Referring to FIGS. 4 and 5, various ports 21b are attached to the upper portion of the housing 20 in order to receive/transmit signals. Selectively, the ports 21b can be attached to the lower portion or the outer peripheral portion of the housing 20. Heat generated from the electronic parts for communication and thermal- emission devices attached to four edge portions of the heat sink 30 is discharged to the exterior through the four edge portions and the fins of the heat sink 30.

At this time, as shown in FIG. 6, due to an operation of the blowing fan 50 installed below the heat sink 30, air Al contained in the housing 20 is forcibly exhausted to the exterior through the heat sink 30, while cooling the heat sink 30 and the fins.

If the heat sink 30 is vertically installed in the housing 20 in the same manner as the conventional housing apparatus, a plurality of blowing fans are required for uniformly cooling the heat sink 30. However, according to the present invention, since the heat sink 30 has a rectangular shape, the heat sink 30 can be uniformly cooled by using only one blowing fan 50.

In addition, the conventional cooling structure may allow only a part of air to make contact with the heat sink 30. However, a cooling structure of the present invention allows air blown by the blowing fan 50 to fully make contact with the heat sink 30 because the heat sink 30 is positioned at a center of the housing 20, so cooling efficiency thereof may b e improved.

Even though the heat sink 30 is positioned at the center of the housing 30, the heat sink 30 is substantially exposed to the exterior, so cooling efficiency thereof will be further improved.

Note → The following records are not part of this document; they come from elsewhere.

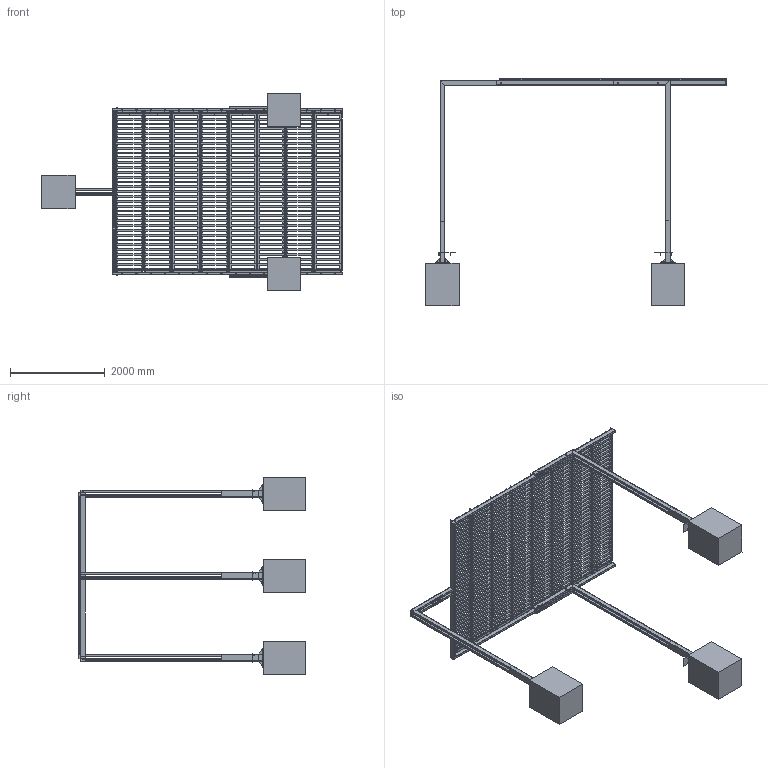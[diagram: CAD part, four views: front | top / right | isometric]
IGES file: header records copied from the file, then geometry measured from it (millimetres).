
Start section: SolidWorks IGES file using analytic representation for surfaces
Global section: file name: C:\SANTACOLE_PDM\Proyectos Catálogo\PROD-P07-016 -- VIA LACTEA\6_Técnico comercial\3D WEB\Pergola Via Láctea sin luz.IGS; native system: SolidWorks 2013; preprocessor: SolidWorks 2013; author: jordi.munoz; date: 150504.170035; units: millimetre
Bounding box: 6349.5 x 4816.37 x 4170 mm (x, y, z)
Volume: 1691199409.4 mm3; surface area: 79534048.8 mm2
Topology: 351 solids, 351 shells, 6747 faces, 16800 edges, 10910 vertices
Faces by surface type: plane 3643, revolution 3104
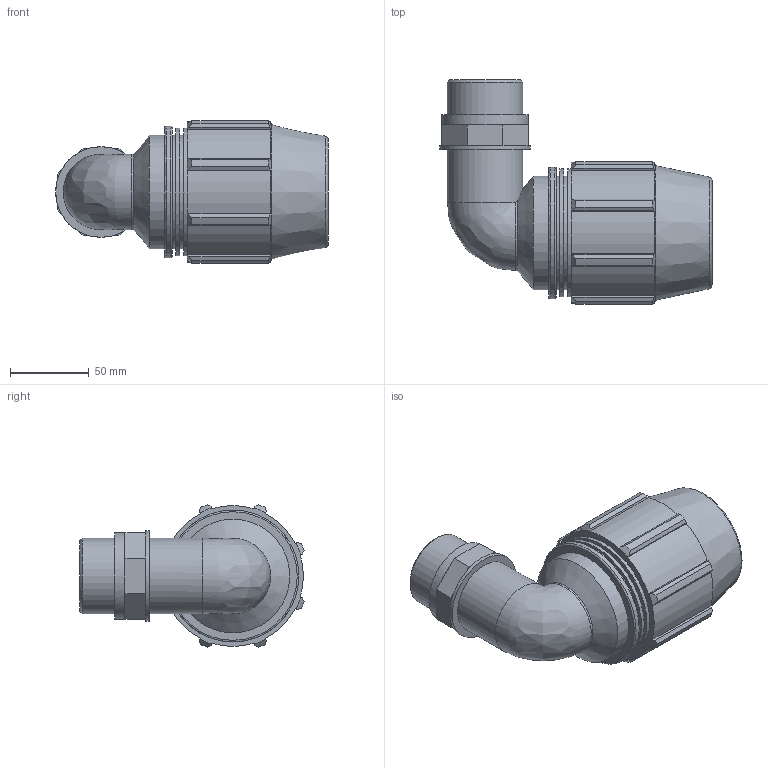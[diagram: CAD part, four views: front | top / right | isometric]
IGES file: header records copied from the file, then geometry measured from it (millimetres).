
Global section: file name: 077700050015_187700050015_0777060500150A.ipt; native system: Autodesk Inventor 2015; preprocessor: unknown; author: KIM; date: 20170622.103112; units: millimetre
Bounding box: 172.68 x 142.16 x 90.33 mm (x, y, z)
Volume: 556023.1 mm3; surface area: 94147.9 mm2
Topology: 1 solids, 1 shells, 125 faces, 320 edges, 205 vertices
Faces by surface type: plane 76, cylinder 27, cone 12, revolution 9, bspline 1
Full cylindrical faces by diameter (mm): 47.803 x2, 54.973 x1, 57.364 x1, 72 x3, 81.014 x2, 83.52 x1
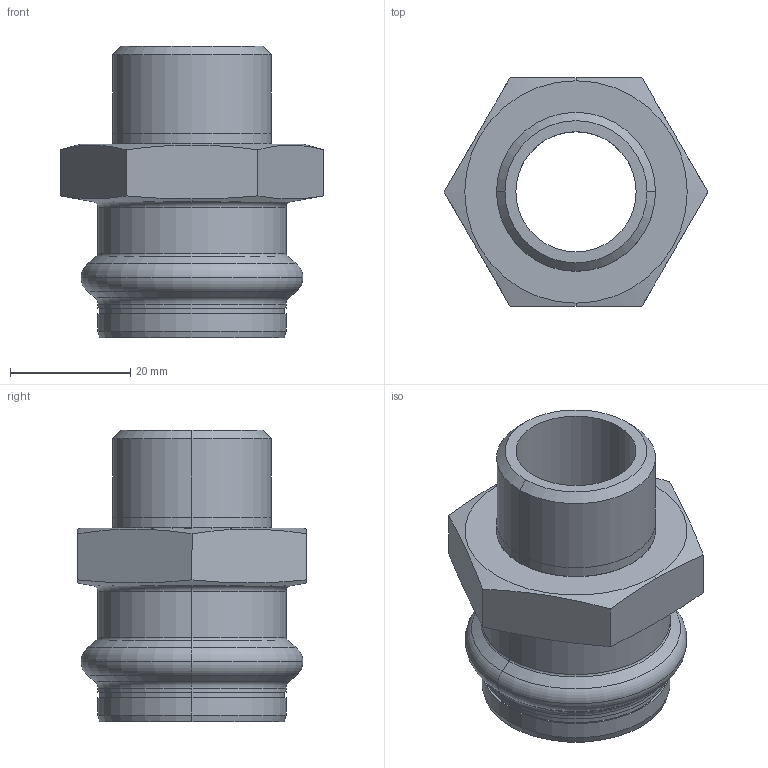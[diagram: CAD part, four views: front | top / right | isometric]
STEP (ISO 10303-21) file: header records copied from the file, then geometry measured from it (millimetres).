
FILE_DESCRIPTION(('CoCreate Modeling STEP Export'),'2;1');
FILE_NAME('8243GVW2834.stp','2013-03-05T10:36:21',(''),(''),'CoCreate Modeling STEP processor for AP214 (Solid Model)','CoCreate Modeling 17.00A 17-Jun-2010 (C) Parametric Technology GmbH','');
FILE_SCHEMA(('AUTOMOTIVE_DESIGN { 1 0 10303 214 1 1 1 1 }'));
Length unit declared in the file: millimetre
Products named in the file (1): 8243GVW2834
Bounding box: 43.88 x 38 x 48.5 mm (x, y, z)
Volume: 16432.3 mm3; surface area: 10615.7 mm2
Topology: 1 solids, 1 shells, 61 faces, 137 edges, 83 vertices
Faces by surface type: cylinder 22, cone 16, plane 13, torus 10
Entity records: 2140 total; most frequent: CARTESIAN_POINT 920, ORIENTED_EDGE 274, DIRECTION 206, EDGE_CURVE 137, VERTEX_POINT 83, AXIS2_PLACEMENT_3D 81, EDGE_LOOP 68, FACE_OUTER_BOUND 61

While the present invention has been shown and described with reference to certain preferred embodiments thereof, it will be understood by those skilled in the art that various changes in form and details may be made therein without departing from the spirit and scope of the invention as defined by the appended claims.

Claims

WHAT IS CLAIMED IS:

1. A housing apparatus of an outdoor communication device for receiving electronic parts for communication and thermal-emission devices therein, the housing apparatus comprising: a housing including an upper cover and a lower cover; a heat sink installed in the housing; a plurality of cavities formed between the housing and the heat sink in order to receive the thermal-emission devices therein in such a manner that the thermal-emission devices are attached to edges of the heat sink; and a blowing fan installed at a lower end of the housing in order to exhaust air to an exterior through the heat sink.

2. The housing apparatus as claimed in claim 1, wherein the housing has a cylindrical shape.

3. The housing apparatus as claimed in claim 1, wherein the upper and lower covers have donut shapes, respectively.

4. The housing apparatus as claimed in claim 1, wherein the heat sink has a polygonal column shape.

5. The housing apparatus as claimed in claim 1, wherein the blowing fan is installed at an upper end, a lower end, or upper and lower ends of the housing.

6. The housing apparatus as claimed in claim 1, wherein the housing is

7. The housing apparatus as claimed in claim 1, further comprising a plurality of mounting brackets provided at a predetermined lateral portion of the housing in such a manner that the mounting brackets are screw-coupled with the housing so that the housing is coupled to an external column.

8. The housing apparatus as claimed in claim 1, wherein the upper and lower covers are formed at predetermined lateral portions thereof with coupling sections such that mounting brackets are screw-coupled with the coupling sections.